I'm betting on Congress folding, but possibly not until after the default, they're that thick.
posted by Brandon Blatcher at 6:52 PM on July 25, 2011


If you live in DC perhaps you should make your way to the Hill and stand outside with a large number of your fellow residents and ask congress politely to consider your point of view. To keep the mosquitos at bay, I recommend carrying one of those citronella torches. Also since you may be standing for a while bring a pitch fork, as you can stick it into the ground and use it as a leaning stick. I'd come but I seem to have lost my shit somewhere, have you seen it? I'm hoping it will turn up in the morning. Also I've been drinking heavily so you should probably ignore my advice from this point out.
posted by humanfont at 6:52 PM on July 25, 2011 [16 favorites]


He could have also stated his intention to use his executive power to use the 14th Amendment option if order to keep the U.S. going (and let the courts battle it out later on ) if the Republicans won't be reasonable - that would have been a significant game changer.

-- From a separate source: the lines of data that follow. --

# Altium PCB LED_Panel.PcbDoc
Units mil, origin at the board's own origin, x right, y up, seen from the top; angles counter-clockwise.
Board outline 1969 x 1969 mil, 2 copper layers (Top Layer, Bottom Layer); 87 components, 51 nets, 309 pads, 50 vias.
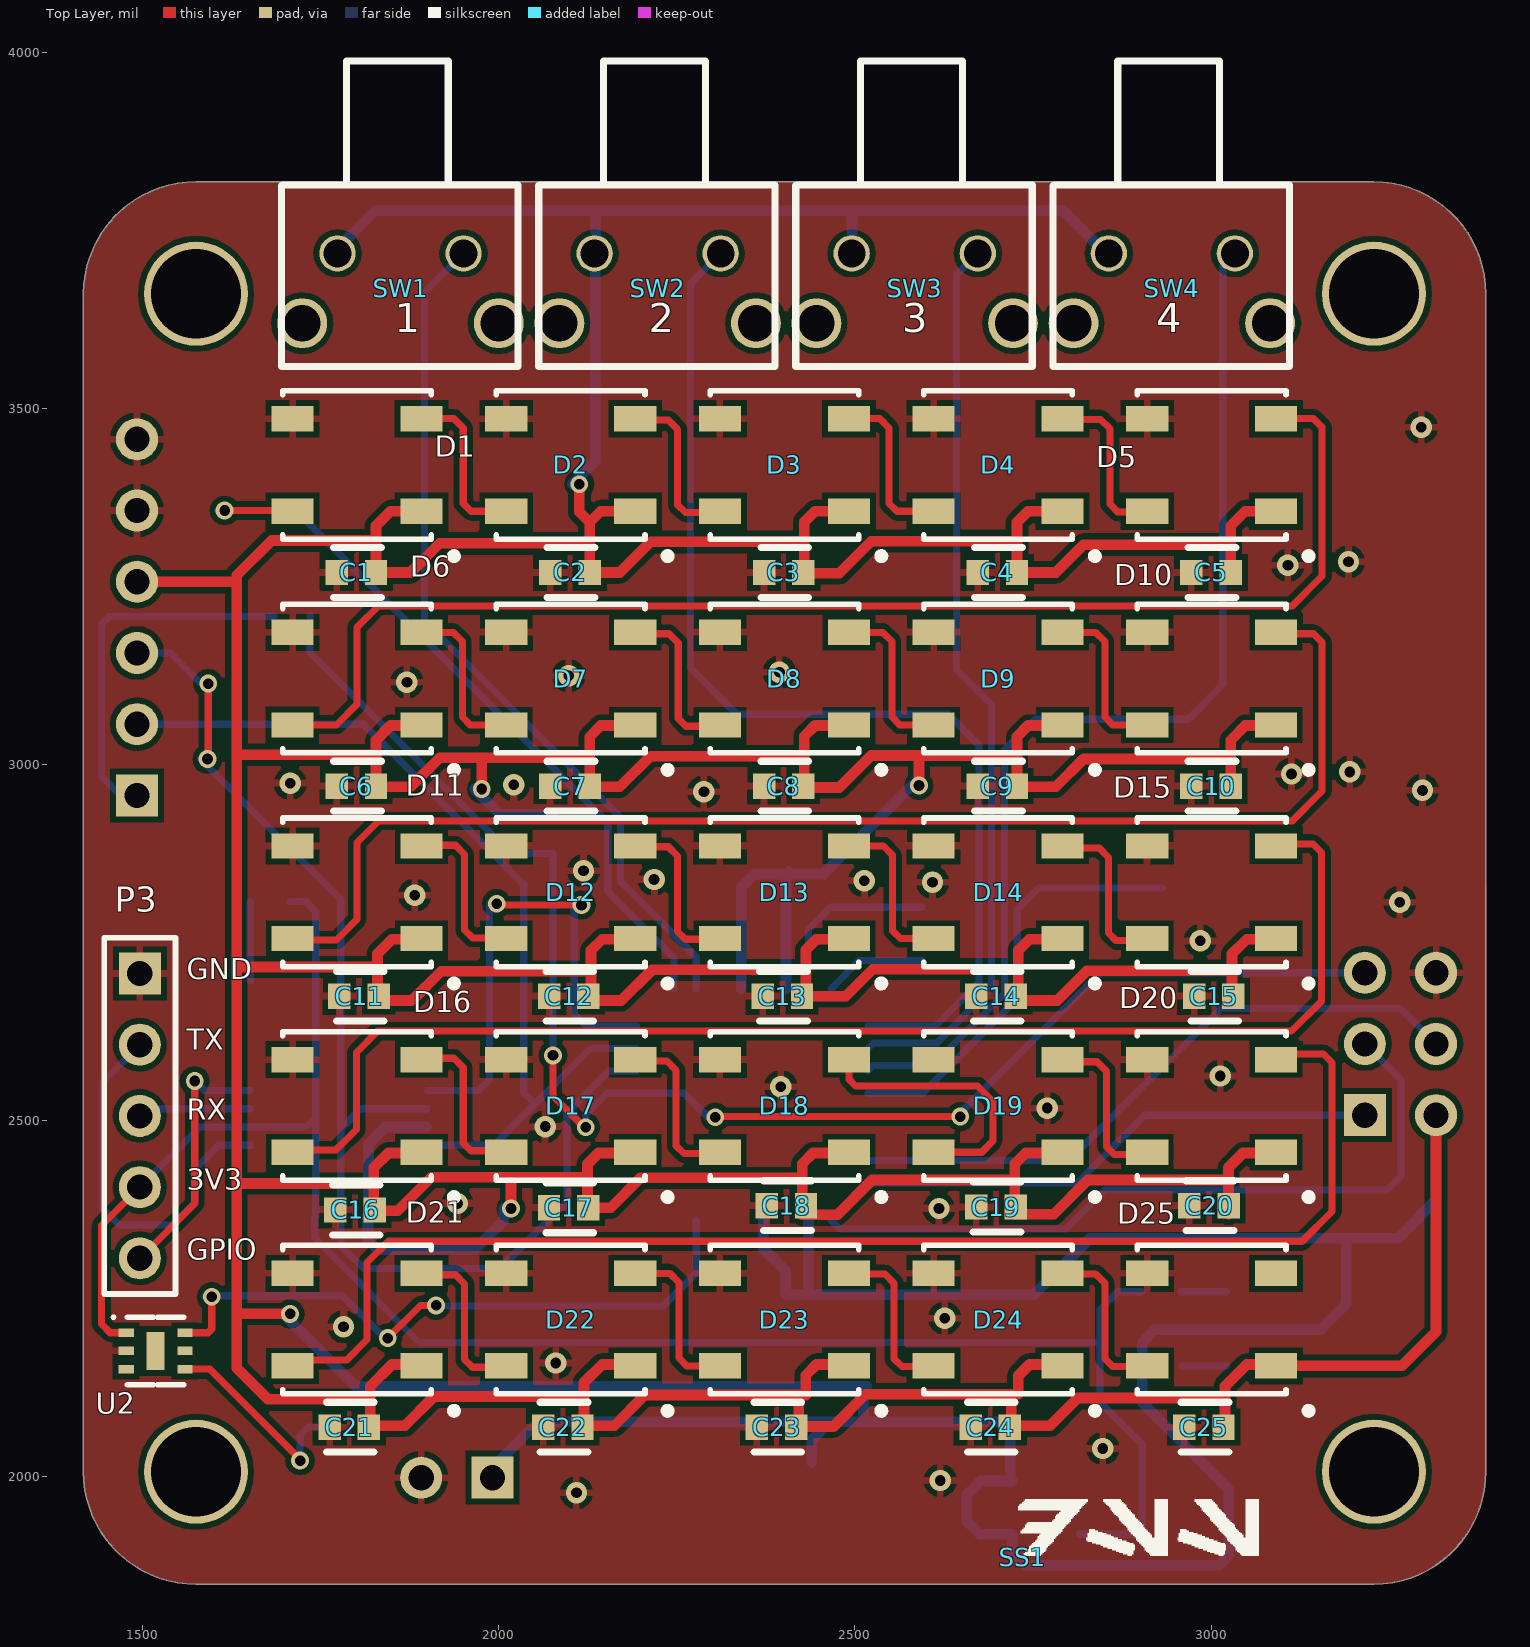
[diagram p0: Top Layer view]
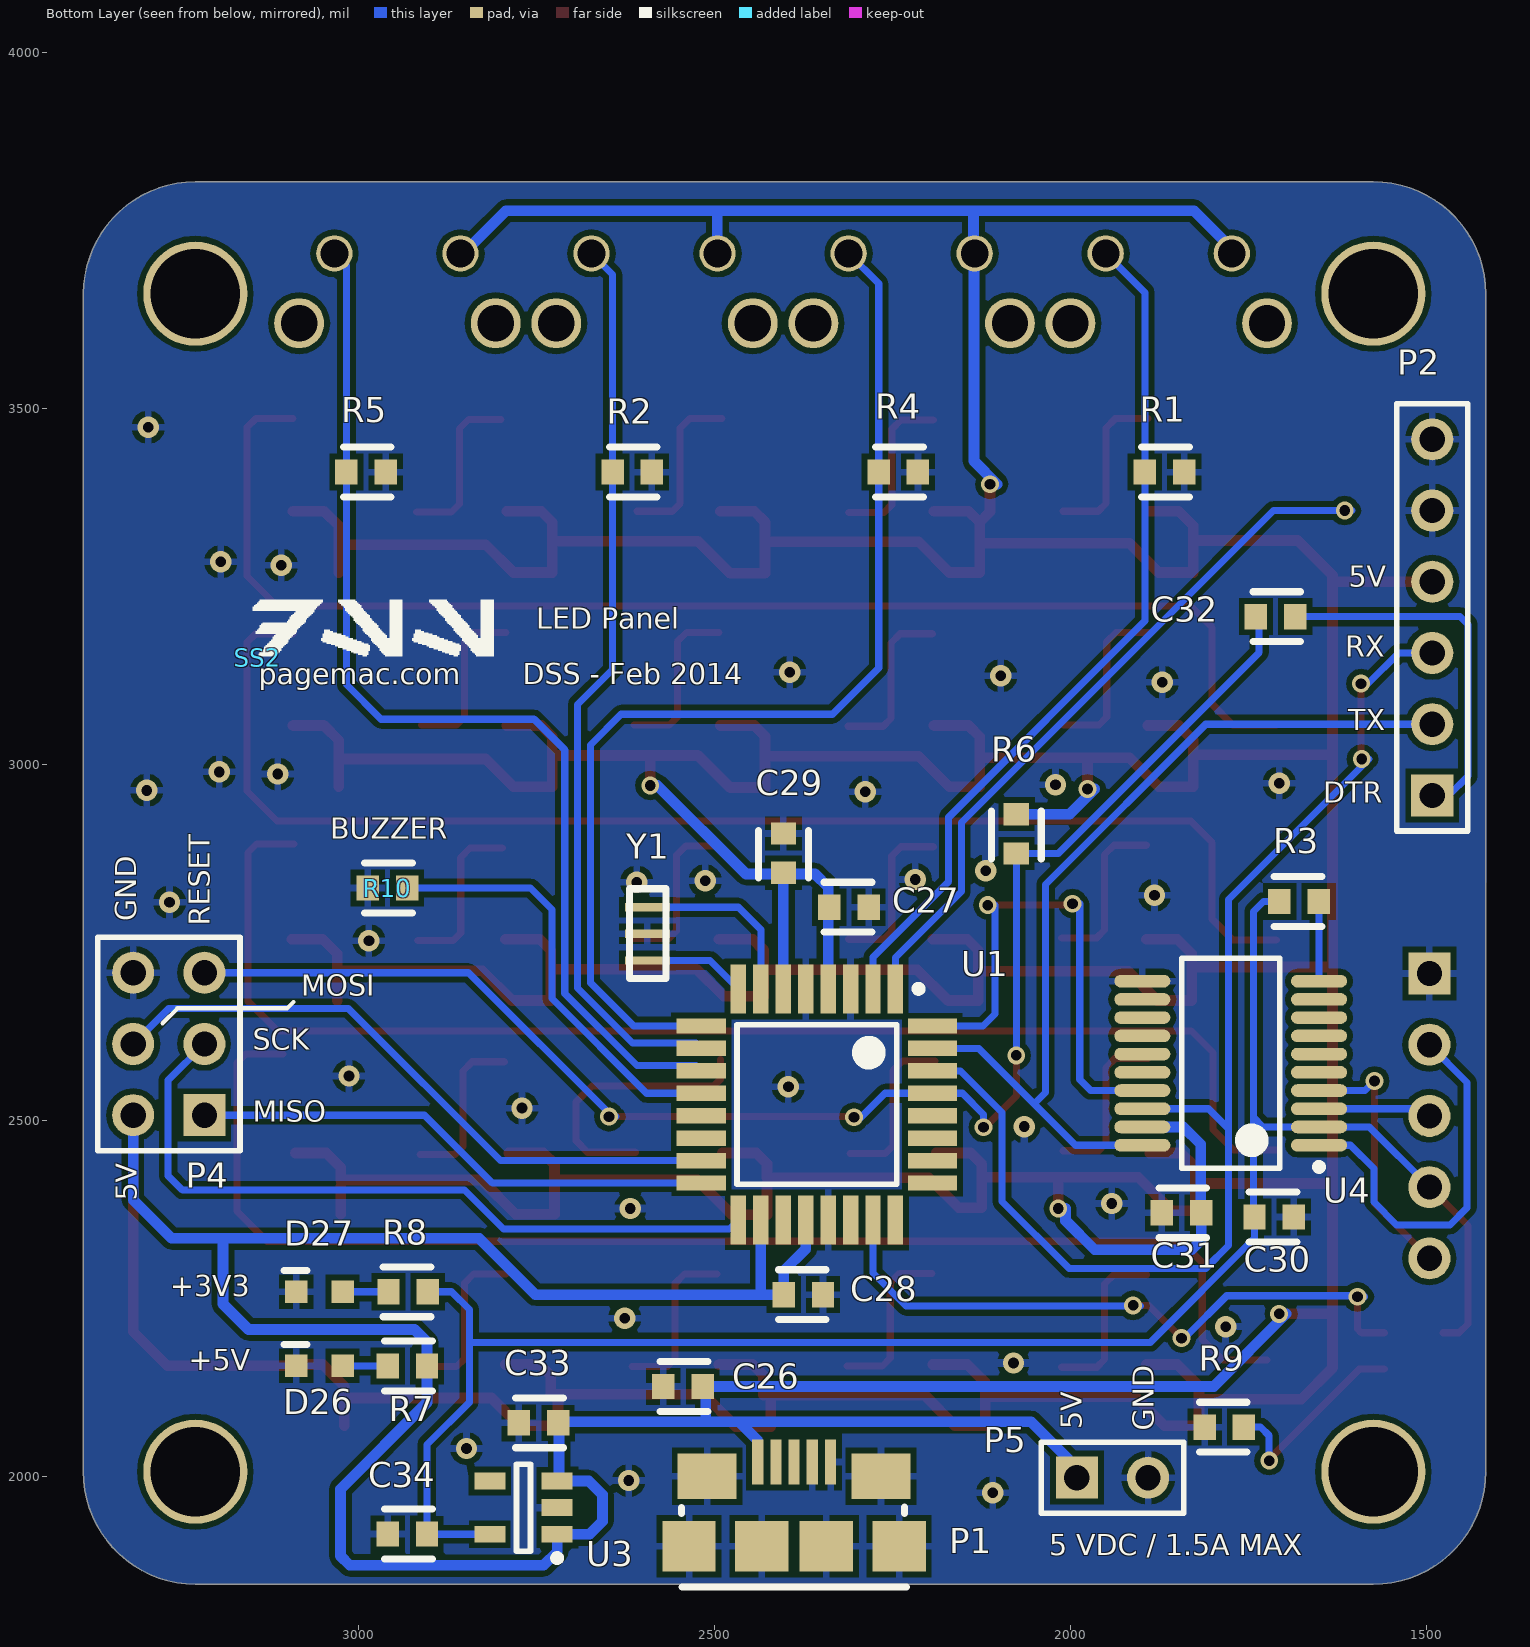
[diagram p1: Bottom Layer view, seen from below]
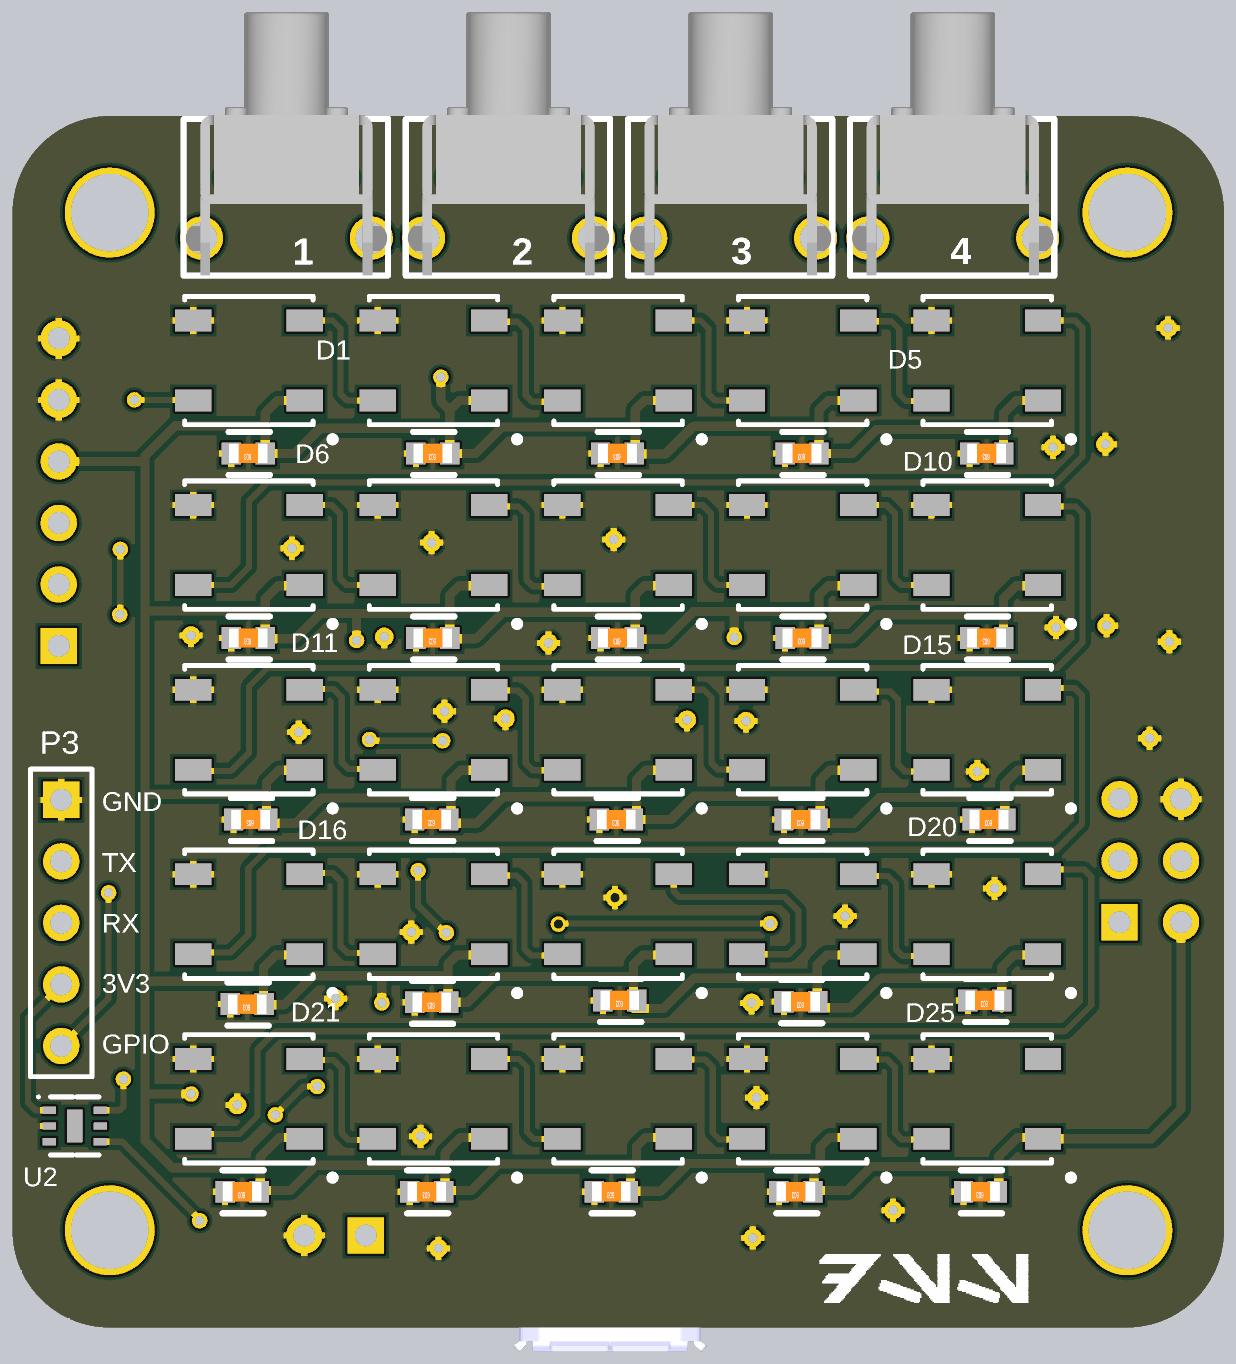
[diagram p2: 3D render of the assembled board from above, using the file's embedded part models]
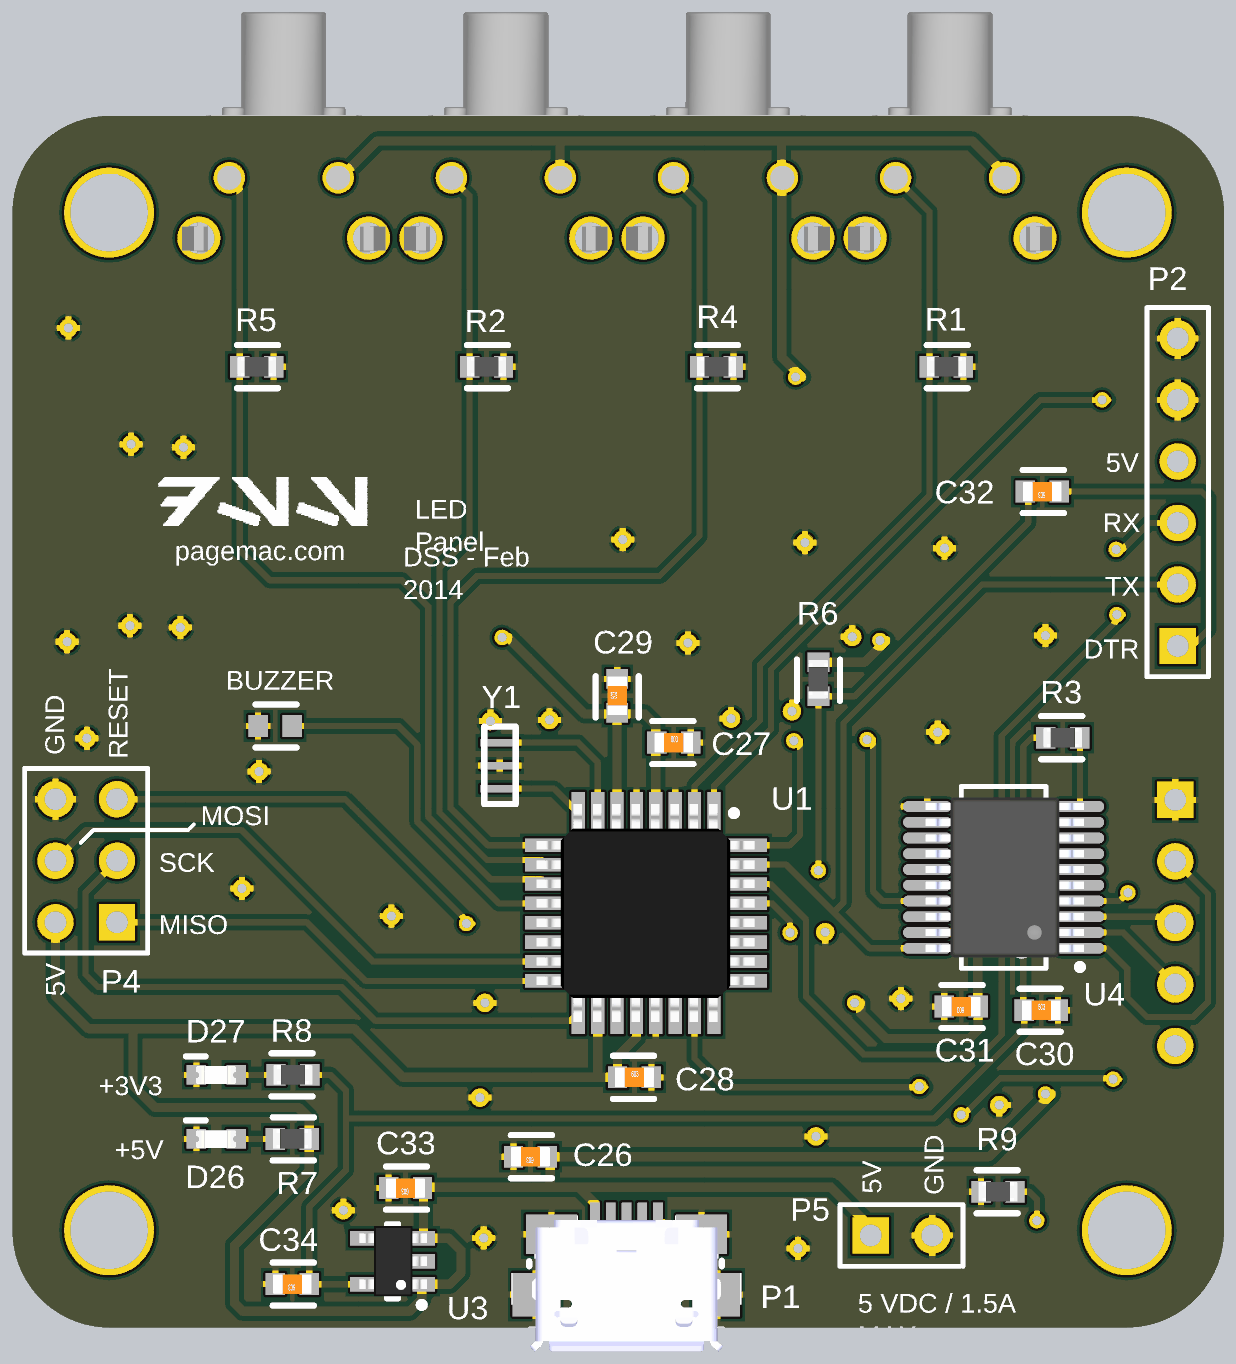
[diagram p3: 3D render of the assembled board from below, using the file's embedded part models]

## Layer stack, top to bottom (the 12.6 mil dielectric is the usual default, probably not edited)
Top Solder: solder mask 0.4, Solder Resist, Dk 3.5
Top Layer: signal copper 1.4
Dielectric 1: dielectric 12.6, FR-4, Dk 4.8
Bottom Layer: signal copper 1.4
Bottom Solder: solder mask 0.4, Solder Resist, Dk 3.5

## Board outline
1416.8,2007.42 1416.8,3661.42 cw(c1574.3,3660.92) 1574.8,3818.42 3228.8,3818.42 cw(c3228.8,3661.42) 3385.8,3661.42 3385.8,2007.42 cw(c3228.3,2006.92) 3228.8,1849.42 1574.8,1849.42 cw(c1574.8,2007.42)

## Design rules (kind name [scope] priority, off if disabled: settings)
Clearance ClearancePads [IsPad vs IsPad] p1: gap=6
Clearance [All] p2: gap=8
HoleSize [All] p1: absolutevalues=TRUE maxlimit=1000 minlimit=15 maxpercent=80.000 minpercent=20.000
PolygonConnect [All] p1: connectstyle=Relief reliefconductorwidth=10 reliefentries=4 polygonreliefangle="90 Angle" airgapwidth=8
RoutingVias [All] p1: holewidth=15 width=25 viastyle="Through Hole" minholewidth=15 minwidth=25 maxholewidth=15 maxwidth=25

How so? Given that that option is still available what "game" would it "change" to threaten it? Will it frighten intransigent Republicans into conceding?
posted by octobersurprise at 6:53 PM on July 25, 2011


So, well, fuck all this. Where's that possibly habitable planet again?

Gliese 581d

As long as they're cool with gay sex and martinis I'm down.


Only vodka martinis, there is no juniper there.
posted by furiousxgeorge at 6:53 PM on July 25, 2011


Obama was calm assured and Boehner looked like he just went through the weekend from hell.

I still feel like there's something we don't know here. I hope there is, and I hope it explains why Obama sounded so confident and cool.

He's hard to read obviously, but fuck if I don't think he's got an ace in here somewhere, whereas I feel like Boehner is fighting for his political future.
posted by Skygazer at 6:55 PM on July 25, 2011 [1 favorite]


Any of the networks reporting "instant poll" type things? Focus groups and such?
posted by Flunkie at 6:55 PM on July 25, 2011


Here's my compromise: the debt limit gets raised and we let the red states vote to secede. They get the debt incurred under Republican presidents, we get the debt incurred under Democratic presidents.
posted by ifandonlyif at 6:55 PM on July 25, 2011 [6 favorites]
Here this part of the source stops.